*WHAT IS BEING ASKED*
What is wanted is the line holding "blk.add_mtext('\\A1;275 [10.827]', dxfattribs=at)" and every later line through the end of the entries, set down exactly.

*-*-*

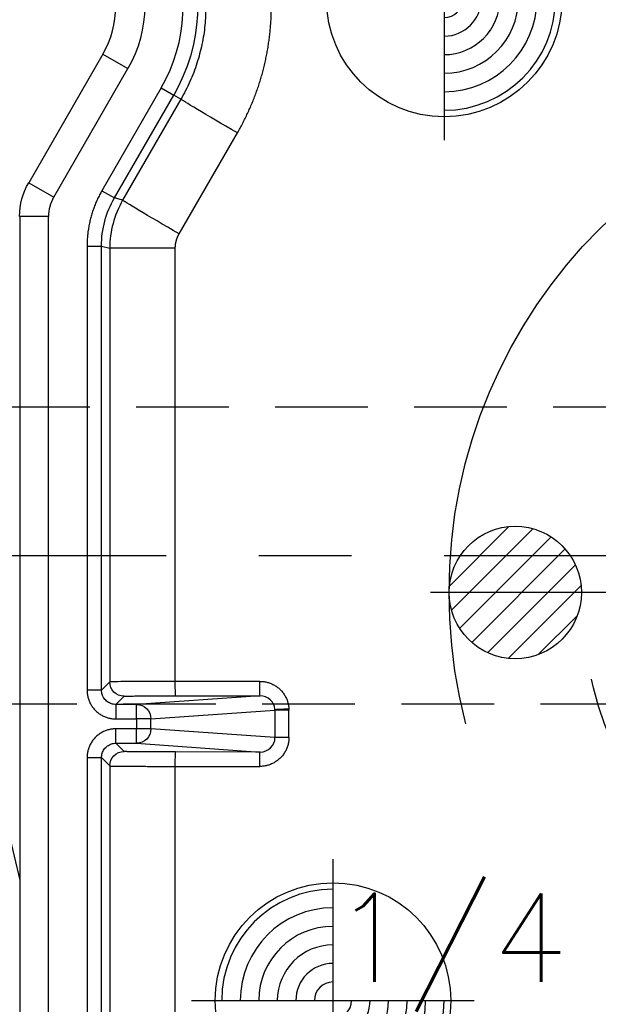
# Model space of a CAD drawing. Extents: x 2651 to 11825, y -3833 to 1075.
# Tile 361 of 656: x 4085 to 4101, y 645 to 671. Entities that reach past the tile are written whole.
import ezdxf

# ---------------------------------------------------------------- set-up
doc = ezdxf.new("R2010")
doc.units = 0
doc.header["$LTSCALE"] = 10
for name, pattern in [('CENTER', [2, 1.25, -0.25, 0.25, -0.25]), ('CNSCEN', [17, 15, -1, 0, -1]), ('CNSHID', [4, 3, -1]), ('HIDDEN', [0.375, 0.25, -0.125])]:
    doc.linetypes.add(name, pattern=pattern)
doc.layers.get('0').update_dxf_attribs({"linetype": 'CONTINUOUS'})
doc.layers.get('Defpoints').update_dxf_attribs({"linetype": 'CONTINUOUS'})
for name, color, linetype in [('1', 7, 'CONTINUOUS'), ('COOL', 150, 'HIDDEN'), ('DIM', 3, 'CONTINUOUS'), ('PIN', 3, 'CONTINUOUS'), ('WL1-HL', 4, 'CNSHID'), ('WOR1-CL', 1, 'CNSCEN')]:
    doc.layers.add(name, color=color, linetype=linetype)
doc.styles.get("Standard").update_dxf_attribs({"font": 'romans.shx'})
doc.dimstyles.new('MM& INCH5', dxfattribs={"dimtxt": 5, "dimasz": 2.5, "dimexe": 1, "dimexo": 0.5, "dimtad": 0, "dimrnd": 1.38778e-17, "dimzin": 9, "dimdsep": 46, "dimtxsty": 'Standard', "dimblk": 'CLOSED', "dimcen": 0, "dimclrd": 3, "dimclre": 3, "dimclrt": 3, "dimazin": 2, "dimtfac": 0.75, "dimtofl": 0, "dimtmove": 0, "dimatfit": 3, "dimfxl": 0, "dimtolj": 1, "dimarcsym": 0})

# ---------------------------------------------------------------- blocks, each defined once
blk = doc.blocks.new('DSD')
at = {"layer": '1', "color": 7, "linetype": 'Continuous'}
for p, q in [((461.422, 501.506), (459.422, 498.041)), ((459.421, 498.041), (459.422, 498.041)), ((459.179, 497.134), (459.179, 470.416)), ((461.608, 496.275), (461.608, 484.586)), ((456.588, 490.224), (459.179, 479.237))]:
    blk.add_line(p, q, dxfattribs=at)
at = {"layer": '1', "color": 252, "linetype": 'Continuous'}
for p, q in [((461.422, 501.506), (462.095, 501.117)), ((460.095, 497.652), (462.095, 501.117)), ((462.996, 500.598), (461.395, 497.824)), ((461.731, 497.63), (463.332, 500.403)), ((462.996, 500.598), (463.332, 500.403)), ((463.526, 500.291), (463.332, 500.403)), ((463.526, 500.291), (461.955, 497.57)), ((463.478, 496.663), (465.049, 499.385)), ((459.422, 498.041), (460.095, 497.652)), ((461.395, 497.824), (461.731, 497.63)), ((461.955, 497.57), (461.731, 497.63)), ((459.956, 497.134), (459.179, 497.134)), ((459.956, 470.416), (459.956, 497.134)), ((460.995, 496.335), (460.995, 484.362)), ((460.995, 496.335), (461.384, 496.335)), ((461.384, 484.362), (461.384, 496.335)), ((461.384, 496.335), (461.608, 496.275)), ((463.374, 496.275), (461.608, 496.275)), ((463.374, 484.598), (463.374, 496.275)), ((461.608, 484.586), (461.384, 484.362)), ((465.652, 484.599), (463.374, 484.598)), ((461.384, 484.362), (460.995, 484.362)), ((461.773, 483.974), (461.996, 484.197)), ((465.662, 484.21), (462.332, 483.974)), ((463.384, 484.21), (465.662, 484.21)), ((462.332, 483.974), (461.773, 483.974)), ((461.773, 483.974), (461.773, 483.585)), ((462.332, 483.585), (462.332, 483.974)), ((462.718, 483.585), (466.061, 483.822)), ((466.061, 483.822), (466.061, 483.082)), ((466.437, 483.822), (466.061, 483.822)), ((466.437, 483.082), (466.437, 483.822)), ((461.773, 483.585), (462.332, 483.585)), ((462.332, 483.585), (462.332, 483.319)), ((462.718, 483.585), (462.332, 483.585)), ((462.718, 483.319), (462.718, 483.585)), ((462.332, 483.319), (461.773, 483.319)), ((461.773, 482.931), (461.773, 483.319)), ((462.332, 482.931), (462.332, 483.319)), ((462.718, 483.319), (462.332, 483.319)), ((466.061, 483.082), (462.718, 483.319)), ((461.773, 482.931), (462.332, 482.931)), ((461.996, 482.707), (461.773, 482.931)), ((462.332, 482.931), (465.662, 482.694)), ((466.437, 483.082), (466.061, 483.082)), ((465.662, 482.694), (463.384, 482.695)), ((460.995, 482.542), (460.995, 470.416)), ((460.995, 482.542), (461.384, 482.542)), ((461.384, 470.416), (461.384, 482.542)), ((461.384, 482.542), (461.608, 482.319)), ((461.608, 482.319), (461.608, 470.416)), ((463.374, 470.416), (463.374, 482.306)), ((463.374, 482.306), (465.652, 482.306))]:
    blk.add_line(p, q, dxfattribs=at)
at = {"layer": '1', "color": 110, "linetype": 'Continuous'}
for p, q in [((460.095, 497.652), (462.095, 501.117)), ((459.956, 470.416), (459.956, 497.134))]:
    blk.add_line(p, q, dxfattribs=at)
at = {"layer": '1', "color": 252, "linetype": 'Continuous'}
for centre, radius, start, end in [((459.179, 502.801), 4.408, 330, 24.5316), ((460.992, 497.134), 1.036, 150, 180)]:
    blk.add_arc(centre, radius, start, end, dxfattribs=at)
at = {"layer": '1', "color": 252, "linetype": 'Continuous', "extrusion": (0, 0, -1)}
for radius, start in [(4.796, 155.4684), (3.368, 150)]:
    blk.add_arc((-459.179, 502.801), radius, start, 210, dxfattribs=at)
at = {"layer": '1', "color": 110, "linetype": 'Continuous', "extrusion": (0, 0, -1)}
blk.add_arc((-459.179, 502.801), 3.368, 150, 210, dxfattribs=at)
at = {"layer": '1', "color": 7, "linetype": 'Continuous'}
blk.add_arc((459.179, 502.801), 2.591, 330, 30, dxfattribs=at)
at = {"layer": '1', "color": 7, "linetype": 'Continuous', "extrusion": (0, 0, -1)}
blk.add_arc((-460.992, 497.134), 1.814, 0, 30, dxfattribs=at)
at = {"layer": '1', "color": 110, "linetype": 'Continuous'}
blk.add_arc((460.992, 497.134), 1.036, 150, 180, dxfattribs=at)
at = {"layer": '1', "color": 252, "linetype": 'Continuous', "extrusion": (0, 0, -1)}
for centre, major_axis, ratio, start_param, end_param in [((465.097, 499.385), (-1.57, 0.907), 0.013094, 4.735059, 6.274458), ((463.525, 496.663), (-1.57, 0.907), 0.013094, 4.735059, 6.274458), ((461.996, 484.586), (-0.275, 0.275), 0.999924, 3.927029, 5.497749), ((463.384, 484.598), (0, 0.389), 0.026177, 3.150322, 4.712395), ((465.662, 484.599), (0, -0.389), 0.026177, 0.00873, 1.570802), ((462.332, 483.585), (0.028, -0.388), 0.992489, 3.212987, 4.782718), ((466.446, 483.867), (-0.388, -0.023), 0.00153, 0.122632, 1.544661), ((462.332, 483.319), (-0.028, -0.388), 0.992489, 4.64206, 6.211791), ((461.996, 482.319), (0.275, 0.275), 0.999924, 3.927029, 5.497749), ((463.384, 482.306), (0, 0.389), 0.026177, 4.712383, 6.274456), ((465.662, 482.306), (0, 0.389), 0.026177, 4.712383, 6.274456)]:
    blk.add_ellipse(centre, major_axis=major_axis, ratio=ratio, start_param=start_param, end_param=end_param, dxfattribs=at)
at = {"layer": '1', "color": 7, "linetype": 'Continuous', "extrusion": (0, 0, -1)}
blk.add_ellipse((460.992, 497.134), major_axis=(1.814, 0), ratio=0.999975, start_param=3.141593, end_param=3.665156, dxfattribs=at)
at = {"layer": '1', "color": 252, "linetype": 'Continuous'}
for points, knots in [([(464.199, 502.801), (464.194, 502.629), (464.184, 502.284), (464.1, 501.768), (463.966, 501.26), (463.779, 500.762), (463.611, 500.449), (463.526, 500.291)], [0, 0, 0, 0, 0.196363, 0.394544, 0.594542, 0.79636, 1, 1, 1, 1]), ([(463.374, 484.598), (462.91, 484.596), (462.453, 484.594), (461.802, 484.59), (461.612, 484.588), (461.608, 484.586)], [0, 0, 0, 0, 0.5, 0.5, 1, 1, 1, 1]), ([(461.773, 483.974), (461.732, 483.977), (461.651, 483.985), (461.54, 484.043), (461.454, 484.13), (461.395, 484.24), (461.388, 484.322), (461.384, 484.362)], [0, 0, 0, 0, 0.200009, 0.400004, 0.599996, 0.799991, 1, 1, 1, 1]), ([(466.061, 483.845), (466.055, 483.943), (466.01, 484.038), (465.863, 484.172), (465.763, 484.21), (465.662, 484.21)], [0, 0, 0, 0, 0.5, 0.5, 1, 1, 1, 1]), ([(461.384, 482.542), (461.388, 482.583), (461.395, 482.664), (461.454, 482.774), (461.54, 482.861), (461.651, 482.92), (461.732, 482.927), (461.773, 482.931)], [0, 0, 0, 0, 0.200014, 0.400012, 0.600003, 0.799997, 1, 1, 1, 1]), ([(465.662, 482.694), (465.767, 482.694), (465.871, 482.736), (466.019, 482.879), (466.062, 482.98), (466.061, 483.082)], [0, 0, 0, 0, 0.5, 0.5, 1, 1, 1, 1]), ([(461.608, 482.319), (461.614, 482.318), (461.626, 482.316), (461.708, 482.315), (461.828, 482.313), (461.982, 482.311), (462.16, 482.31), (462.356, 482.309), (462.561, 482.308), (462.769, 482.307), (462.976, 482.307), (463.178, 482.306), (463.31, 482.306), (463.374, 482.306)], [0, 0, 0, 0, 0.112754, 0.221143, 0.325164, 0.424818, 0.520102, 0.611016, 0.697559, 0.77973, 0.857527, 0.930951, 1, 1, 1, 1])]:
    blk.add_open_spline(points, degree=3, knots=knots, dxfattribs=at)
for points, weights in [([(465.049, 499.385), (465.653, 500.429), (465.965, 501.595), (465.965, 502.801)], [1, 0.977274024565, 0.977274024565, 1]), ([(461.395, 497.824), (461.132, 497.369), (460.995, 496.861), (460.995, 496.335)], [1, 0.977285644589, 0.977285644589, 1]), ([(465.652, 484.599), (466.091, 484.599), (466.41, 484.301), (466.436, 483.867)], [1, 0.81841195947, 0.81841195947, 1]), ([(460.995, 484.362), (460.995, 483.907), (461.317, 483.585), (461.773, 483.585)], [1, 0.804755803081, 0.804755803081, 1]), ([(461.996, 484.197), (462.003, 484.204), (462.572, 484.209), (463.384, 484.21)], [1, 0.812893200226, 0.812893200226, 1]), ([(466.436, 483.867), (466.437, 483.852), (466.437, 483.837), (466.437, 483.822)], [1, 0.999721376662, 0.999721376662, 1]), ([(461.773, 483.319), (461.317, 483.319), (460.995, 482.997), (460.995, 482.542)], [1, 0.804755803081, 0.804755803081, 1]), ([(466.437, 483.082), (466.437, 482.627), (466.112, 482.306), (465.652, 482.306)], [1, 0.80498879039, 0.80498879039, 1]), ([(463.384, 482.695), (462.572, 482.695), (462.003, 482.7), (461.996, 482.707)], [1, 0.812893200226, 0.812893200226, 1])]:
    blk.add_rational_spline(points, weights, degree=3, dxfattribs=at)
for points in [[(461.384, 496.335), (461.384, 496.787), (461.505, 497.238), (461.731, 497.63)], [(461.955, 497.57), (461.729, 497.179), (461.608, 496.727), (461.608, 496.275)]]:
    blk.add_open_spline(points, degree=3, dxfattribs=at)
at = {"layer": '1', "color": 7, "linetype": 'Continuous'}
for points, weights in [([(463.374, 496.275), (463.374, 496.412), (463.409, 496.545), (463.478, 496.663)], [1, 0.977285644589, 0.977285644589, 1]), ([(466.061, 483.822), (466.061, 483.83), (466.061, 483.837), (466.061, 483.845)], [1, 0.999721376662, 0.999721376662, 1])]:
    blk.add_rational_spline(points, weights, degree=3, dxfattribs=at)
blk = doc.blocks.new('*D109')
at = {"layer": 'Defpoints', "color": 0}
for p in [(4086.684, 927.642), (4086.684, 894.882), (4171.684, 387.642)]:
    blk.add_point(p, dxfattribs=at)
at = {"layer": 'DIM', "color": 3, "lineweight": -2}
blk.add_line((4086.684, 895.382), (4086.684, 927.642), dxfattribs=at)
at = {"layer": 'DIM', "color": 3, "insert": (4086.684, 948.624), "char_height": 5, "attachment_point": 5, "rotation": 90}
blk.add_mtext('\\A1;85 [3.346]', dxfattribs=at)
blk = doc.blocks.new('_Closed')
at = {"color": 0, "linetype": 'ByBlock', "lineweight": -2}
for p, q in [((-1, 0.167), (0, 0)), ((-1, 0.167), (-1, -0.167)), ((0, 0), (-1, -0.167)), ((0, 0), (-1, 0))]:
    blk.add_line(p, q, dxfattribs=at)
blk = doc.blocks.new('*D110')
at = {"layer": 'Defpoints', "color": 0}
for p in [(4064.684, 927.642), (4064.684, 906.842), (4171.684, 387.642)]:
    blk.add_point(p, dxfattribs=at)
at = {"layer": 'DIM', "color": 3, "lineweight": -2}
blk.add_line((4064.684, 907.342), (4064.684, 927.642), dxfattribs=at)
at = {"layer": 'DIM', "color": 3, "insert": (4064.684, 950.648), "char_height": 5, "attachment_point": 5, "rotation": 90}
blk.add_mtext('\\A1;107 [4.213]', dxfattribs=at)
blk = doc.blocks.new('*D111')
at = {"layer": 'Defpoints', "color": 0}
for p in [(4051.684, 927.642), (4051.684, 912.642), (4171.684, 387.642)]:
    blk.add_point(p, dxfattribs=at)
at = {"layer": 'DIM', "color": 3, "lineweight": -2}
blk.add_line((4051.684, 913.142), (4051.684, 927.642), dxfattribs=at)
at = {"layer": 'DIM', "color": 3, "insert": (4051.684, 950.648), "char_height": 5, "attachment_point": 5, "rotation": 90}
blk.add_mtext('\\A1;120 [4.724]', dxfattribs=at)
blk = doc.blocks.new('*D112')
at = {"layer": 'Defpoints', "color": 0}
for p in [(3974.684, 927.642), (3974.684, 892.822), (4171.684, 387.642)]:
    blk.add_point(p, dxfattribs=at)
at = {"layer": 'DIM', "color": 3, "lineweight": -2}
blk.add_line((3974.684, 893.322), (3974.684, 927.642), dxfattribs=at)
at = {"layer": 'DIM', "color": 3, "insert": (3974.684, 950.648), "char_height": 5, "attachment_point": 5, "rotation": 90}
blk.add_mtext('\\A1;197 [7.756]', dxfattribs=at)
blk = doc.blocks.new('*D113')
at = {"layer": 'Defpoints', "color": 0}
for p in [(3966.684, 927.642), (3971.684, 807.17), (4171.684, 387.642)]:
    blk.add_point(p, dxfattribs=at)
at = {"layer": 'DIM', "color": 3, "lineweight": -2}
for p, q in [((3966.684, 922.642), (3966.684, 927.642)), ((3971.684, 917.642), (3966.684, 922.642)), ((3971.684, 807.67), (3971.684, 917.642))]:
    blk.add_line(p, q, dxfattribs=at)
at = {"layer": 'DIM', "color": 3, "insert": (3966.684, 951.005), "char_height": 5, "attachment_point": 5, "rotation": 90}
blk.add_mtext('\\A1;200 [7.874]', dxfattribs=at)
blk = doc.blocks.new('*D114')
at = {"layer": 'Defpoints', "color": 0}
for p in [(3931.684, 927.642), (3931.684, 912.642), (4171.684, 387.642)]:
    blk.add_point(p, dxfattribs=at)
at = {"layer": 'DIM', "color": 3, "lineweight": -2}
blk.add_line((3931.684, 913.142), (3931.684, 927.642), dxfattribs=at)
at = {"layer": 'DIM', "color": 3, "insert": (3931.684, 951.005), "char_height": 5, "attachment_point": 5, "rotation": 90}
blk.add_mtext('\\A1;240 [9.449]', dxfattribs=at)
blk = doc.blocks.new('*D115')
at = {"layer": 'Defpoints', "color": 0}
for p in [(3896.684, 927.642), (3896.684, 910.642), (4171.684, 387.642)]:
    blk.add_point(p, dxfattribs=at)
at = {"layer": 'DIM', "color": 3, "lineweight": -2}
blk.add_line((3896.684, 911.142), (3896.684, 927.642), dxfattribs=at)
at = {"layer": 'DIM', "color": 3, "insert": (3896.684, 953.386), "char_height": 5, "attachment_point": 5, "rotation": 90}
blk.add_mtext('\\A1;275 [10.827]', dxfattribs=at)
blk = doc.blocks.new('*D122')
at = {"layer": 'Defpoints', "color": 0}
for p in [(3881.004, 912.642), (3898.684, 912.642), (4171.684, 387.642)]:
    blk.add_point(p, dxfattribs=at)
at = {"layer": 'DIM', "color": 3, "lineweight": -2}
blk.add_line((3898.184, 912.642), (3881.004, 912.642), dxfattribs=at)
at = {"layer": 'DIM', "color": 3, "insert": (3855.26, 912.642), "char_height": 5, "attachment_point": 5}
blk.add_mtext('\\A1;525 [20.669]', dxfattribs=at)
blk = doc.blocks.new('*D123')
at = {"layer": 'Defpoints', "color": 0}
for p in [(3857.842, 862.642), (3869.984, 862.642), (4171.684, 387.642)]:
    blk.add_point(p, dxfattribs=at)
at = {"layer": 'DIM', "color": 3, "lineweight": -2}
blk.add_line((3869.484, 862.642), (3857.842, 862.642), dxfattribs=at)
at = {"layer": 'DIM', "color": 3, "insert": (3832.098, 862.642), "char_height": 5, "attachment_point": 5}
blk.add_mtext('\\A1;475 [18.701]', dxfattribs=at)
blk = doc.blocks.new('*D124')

*-*-*

*TASK OUTPUT*
blk.add_mtext('\\A1;275 [10.827]', dxfattribs=at)
blk = doc.blocks.new('*D122')
at = {"layer": 'Defpoints', "color": 0}
for p in [(3881.004, 912.642), (3898.684, 912.642), (4171.684, 387.642)]:
    blk.add_point(p, dxfattribs=at)
at = {"layer": 'DIM', "color": 3, "lineweight": -2}
blk.add_line((3898.184, 912.642), (3881.004, 912.642), dxfattribs=at)
at = {"layer": 'DIM', "color": 3, "insert": (3855.26, 912.642), "char_height": 5, "attachment_point": 5}
blk.add_mtext('\\A1;525 [20.669]', dxfattribs=at)
blk = doc.blocks.new('*D123')
at = {"layer": 'Defpoints', "color": 0}
for p in [(3857.842, 862.642), (3869.984, 862.642), (4171.684, 387.642)]:
    blk.add_point(p, dxfattribs=at)
at = {"layer": 'DIM', "color": 3, "lineweight": -2}
blk.add_line((3869.484, 862.642), (3857.842, 862.642), dxfattribs=at)
at = {"layer": 'DIM', "color": 3, "insert": (3832.098, 862.642), "char_height": 5, "attachment_point": 5}
blk.add_mtext('\\A1;475 [18.701]', dxfattribs=at)
blk = doc.blocks.new('*D124')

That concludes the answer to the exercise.